The model’s main purpose is given today’s conditions of a reef, will a bleaching event occur within the next 3, 7, 21 days?
Finally, we ran the predictions for the next 1, 3, 7, 30, and 42 days for each coral reef and hard coded the predictions into a map. The final HTML script shows a map where every reef is shown as a color coded dot from green to red with the model’s prediction (% bleaching risk) and the NOAA alert level.
Challenges we ran into
The biggest problem we ran into within this project was getting our project off the ground. The planning stages went smoothly, but once we started to code, we immediately ran into a wall. We couldn't find a suitable IDE which supported group collaboration; hour after hour, our group started to grow impatient and with nothing done, our morale started to slip. Despite the time we wasted, through our struggle, we grew as a team. With each problem we tackled, our bond grew stronger, which allowed us to push through and deliver our project.
What we're proud of
Training the XGBoost using a machine learning algorithm and ending with a 93% accuracy: We had never made a machine learning algorithm prior to this and were incredibly happy it turned out this well. The interactable map within our website: We believe it is a great depiction of our data Working together as a cohesive team: None of us had ever done a group hackathon before and we worked phenomenally together. Learning new modules like sklearn, pickle, and many more: These modules were necessary and we all will now have them for future projects Working our hardest: We dedicated our weekend for this event and put hours into a project we were truly passionate about. We are proud of not only the result, but all of the effort we, as a group, put into this project.
What we learned
For Co-bra to work we needed to use many modules none of us had used prior to this hackathon. Modules like sklearn and pickle were a necessity and so we spent a large amount of time on the first day becoming acquainted with those modules and many more to create Co-bra. In addition, we had to explore the machine learning algorithm with the SciKids Learn Library. We also learned how to code in harmony and divvy up the difficult tasks to work harmoniously. We have grown and learned a lot from this experience and are proud of what we have created.
What's next for Cobra - Coral Operation–Bleaching Risk Assessment
Co-bra is a program that could help mitigate the damage done on coral reefs in future years. Coral reefs are a vital part of the biosphere and they are slowly dying. Things like Co-bra could show areas in high risk and people using Co-bra could then help those injured ecosystems.

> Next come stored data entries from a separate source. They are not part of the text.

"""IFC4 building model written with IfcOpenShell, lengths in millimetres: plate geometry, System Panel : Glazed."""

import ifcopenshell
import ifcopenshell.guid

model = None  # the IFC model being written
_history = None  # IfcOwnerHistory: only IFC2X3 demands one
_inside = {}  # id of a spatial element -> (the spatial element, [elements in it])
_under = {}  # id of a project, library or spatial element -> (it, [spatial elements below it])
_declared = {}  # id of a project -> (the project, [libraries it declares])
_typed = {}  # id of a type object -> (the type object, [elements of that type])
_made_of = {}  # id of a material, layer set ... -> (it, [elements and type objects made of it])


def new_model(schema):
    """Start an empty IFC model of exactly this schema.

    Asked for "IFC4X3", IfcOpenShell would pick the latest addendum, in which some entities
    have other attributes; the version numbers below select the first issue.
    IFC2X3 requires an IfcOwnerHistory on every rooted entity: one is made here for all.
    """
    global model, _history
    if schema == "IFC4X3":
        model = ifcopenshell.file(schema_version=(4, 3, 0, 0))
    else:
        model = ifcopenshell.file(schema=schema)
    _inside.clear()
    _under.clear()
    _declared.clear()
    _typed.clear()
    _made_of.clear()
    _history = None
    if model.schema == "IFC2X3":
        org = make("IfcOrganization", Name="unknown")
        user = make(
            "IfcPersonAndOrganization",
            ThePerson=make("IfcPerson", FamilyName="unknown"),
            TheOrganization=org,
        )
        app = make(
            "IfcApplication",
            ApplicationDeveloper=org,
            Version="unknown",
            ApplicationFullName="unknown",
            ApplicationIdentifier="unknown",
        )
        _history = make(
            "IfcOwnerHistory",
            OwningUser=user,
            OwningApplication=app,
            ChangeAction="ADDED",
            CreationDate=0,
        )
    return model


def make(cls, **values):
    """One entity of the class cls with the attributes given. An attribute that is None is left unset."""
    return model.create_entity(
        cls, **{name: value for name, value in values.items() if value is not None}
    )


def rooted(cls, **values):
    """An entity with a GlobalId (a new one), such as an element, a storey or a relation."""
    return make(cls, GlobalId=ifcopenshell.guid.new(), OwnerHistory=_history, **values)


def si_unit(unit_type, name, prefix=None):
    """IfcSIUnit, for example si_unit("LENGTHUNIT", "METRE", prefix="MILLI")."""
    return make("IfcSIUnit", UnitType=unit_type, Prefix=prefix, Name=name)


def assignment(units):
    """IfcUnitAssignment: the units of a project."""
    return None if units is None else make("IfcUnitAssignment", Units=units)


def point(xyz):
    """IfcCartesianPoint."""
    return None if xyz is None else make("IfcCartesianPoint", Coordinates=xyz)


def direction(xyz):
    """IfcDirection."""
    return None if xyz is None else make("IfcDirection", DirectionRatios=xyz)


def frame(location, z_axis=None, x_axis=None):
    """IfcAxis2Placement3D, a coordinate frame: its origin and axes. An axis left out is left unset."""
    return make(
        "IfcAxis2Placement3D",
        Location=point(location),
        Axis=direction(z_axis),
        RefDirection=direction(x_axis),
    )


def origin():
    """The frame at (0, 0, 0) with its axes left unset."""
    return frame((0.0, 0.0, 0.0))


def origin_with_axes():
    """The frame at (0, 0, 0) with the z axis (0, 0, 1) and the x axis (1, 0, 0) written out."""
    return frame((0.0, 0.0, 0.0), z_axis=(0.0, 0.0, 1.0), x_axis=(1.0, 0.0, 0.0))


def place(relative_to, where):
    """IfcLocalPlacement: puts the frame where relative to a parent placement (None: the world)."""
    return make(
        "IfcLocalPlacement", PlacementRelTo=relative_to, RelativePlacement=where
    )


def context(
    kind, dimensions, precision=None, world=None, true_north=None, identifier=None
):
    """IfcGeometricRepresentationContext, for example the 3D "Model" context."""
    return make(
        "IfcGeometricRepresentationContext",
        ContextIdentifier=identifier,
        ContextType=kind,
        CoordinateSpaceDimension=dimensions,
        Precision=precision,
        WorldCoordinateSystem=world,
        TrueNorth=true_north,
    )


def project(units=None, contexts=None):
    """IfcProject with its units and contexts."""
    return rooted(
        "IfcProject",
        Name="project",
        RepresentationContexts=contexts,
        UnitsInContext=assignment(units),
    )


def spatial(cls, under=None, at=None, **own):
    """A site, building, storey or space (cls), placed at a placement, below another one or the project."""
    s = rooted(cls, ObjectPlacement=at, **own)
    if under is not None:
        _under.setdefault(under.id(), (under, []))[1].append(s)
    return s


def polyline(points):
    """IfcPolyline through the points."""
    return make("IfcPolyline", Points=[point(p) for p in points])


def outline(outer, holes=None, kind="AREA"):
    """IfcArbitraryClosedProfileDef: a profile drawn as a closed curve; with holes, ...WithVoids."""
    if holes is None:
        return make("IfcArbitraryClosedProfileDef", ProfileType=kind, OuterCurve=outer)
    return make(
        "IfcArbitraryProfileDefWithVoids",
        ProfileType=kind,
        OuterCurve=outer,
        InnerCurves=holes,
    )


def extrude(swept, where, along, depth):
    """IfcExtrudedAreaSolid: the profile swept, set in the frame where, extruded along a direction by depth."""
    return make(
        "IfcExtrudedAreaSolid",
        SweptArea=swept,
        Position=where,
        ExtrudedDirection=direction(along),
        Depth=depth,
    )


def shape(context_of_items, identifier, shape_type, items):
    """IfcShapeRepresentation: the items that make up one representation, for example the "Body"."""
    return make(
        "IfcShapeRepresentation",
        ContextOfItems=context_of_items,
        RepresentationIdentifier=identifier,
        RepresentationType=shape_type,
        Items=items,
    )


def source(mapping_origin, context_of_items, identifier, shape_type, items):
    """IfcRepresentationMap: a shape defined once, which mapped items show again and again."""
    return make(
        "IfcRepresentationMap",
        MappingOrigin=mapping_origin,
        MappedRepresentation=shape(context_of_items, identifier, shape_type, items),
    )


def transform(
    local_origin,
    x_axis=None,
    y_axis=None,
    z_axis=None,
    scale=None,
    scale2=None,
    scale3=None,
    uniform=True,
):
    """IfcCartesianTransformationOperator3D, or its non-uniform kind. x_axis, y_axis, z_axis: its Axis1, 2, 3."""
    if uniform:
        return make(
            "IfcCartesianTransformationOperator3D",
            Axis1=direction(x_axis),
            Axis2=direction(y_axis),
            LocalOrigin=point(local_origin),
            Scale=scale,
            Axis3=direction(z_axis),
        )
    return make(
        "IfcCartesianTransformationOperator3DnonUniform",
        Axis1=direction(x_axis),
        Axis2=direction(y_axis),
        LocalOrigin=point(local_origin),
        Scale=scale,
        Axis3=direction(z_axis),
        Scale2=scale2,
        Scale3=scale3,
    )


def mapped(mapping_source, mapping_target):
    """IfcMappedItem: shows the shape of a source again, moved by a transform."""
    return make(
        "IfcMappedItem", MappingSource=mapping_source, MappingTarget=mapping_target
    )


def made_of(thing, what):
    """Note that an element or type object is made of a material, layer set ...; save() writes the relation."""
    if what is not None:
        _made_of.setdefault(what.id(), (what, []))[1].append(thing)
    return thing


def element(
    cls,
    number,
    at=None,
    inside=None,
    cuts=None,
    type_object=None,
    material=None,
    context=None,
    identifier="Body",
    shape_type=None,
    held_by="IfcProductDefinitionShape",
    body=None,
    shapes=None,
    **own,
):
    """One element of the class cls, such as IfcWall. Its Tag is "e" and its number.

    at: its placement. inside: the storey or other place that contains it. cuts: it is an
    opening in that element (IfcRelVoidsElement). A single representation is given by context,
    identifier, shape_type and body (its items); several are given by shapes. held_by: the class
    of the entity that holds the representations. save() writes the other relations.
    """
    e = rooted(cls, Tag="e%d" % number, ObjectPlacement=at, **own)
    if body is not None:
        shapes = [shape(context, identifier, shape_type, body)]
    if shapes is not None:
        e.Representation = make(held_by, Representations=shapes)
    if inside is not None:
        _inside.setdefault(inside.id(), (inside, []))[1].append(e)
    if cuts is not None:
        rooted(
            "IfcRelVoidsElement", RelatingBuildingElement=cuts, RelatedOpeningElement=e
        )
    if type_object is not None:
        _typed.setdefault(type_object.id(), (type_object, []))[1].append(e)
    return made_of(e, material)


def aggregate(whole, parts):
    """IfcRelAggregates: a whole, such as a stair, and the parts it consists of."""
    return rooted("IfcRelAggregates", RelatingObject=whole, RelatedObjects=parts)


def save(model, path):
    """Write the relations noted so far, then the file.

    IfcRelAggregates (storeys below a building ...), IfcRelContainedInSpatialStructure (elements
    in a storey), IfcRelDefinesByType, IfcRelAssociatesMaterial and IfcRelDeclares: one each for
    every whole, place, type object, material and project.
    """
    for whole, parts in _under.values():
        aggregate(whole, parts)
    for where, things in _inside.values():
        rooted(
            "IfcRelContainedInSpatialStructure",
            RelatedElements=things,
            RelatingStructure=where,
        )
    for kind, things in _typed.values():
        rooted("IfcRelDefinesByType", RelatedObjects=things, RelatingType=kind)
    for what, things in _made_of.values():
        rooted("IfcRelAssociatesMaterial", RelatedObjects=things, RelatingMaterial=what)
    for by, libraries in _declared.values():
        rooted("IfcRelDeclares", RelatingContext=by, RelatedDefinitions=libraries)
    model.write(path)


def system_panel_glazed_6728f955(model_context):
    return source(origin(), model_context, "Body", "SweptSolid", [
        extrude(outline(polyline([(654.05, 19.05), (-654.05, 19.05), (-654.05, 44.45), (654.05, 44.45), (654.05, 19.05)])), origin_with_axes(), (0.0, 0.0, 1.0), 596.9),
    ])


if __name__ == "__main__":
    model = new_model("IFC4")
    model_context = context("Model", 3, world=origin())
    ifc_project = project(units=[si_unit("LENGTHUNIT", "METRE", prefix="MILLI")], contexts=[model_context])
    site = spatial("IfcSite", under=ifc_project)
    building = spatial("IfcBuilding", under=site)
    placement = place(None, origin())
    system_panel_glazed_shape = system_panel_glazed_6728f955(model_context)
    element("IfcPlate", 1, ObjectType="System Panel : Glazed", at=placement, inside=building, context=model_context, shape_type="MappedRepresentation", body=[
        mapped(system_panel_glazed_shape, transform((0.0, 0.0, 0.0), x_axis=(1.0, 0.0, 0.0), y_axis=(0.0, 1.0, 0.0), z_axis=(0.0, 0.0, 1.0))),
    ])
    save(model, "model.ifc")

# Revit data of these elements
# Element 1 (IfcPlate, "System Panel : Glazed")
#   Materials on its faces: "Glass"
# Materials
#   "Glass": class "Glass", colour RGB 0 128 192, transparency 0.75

This would all be mitigation and not prevention as Co-bra can’t stop bleaching, only notify when and where it will occur.
Why Our Approach is Different
While existing monitoring systems track track temperatures like ours, most tools only report current conditions, rather than predicting events far in the future.
Co-bra stands apart from this. Our system takes a predictive approach, analyzing hundreds of thousands of lines of historical data with machine learning models to forecast coral bleaching events over four weeks in advance. Instead of working reactively, our approach can anticipate and be proactive towards these events.
The work this program accomplishes is unachievable by standard human analysis. Co-bra analyzes these signals, creating numerous numerical models involving heat stress, temperature trends, and anomaly accumulation, from every single coral reef on the planet. Without Co-bra, the race to save the world’s coral reefs risks ending in an unprecedented loss.